The prognosis can be good if it is detected properly and early and a treatment is established on time, based mainly on the follow-up of a strict diet low in phenylalanine in the first year of the child’s life and during his stage of growth, diet that It should probably be followed throughout life, in order to avoid or reduce mental damage.

The fundamental cause of phenylketonuria (PKU) is the deficit of phenylalanine hydroxylase. This conditions that the conversion of phenylalanine into tyrosine is altered and therefore there is an increase in blood of phenylalanine and its products, mainly phenylacetate and phenylactate. Tyrosine levels may remain normal or low in patients with PKU.

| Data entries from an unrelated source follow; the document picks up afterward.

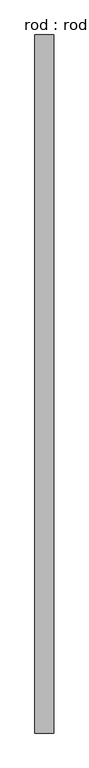
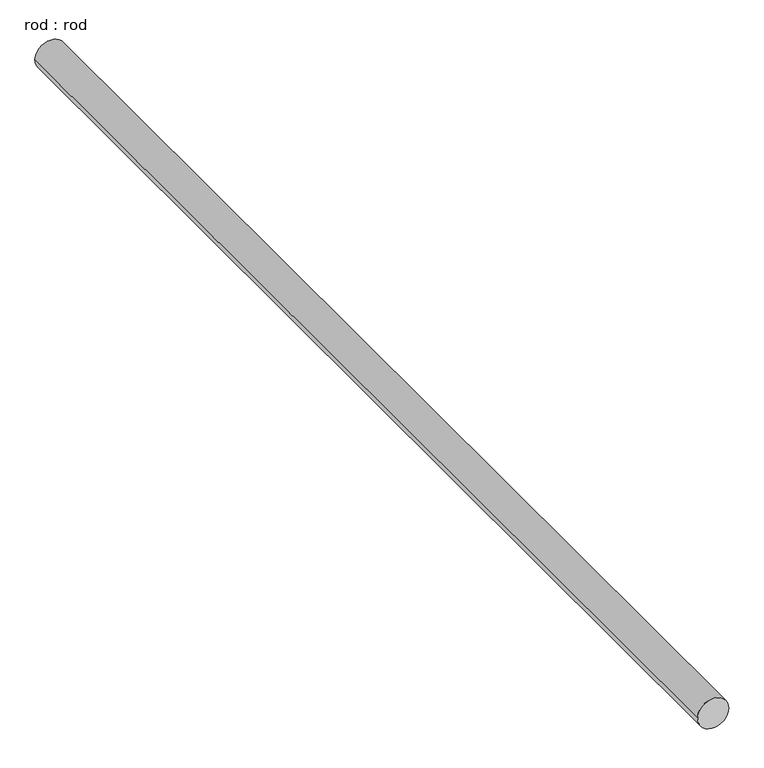
"""IFC4 building model written with IfcOpenShell, lengths in millimetres: proxy geometry, rod : rod."""

from ifc_helpers import new_model, si_unit, point, frame, frame_2d, origin, place, context, project, spatial, circle_curve, trimmed, segment, composite_curve, outline, extrude, source, transform, mapped, element, save


def rod_rod_ec035f66(model_context):
    return source(origin(), model_context, "Body", "SweptSolid", [
        extrude(outline(composite_curve([segment(trimmed(circle_curve(frame_2d((0.0108462, 0.0)), 200.0), [point((0.0108462, 200.0))], [point((0.0108462, -200.0))], False, "CARTESIAN"), True, "CONTINUOUS"), segment(trimmed(circle_curve(frame_2d((0.0108462, 0.0)), 200.0), [point((0.0108462, -200.0))], [point((0.0108462, 200.0))], False, "CARTESIAN"), True, "CONTINUOUS")], self_intersect=False)), frame((0.0, -3264.4142418, 0.0), z_axis=(0.0, 1.0, 0.0), x_axis=(0.0, 0.0, 1.0)), (0.0, 0.0, 1.0), 14714.2857143),
    ])


if __name__ == "__main__":
    model = new_model("IFC4")
    model_context = context("Model", 3, world=origin())
    ifc_project = project(units=[si_unit("LENGTHUNIT", "METRE", prefix="MILLI")], contexts=[model_context])
    site = spatial("IfcSite", under=ifc_project)
    building = spatial("IfcBuilding", under=site)
    placement = place(None, origin())
    rod_rod_shape = rod_rod_ec035f66(model_context)
    element("IfcBuildingElementProxy", 1, Name="rod : rod", ObjectType="rod : rod", at=placement, inside=building, context=model_context, shape_type="MappedRepresentation", body=[
        mapped(rod_rod_shape, transform((0.0, 0.0, 0.0), x_axis=(1.0, 0.0, 0.0), y_axis=(0.0, 1.0, 0.0), z_axis=(0.0, 0.0, 1.0))),
    ])
    save(model, "model.ifc")

# Revit data of these elements
# Type "rod : rod"
#   Default Elevation = 0

The symptoms that babies with phenylketonuria present are usually:

• Psychotic pictures of autistic type.
• Convulsions.
• Psychomotor retardation.
• West syndrome.
• Mental retardation.
• Unusual posture of the hands.
• Very rebellious facial eczema.
• Tremors.
• Head size noticeably lower than normal.
• Spasmodic movements of arms and legs.

Routine metabolic tests are performed on newborns to determine if they have PKU, usually by a heel stick shortly after birth. If you test positive, you must perform urine and blood tests to confirm the diagnosis of PKU. Sometimes the test may be negative if it is done before 24 hours of age. In these cases, it may be recommended to repeat the test after one or two weeks of life.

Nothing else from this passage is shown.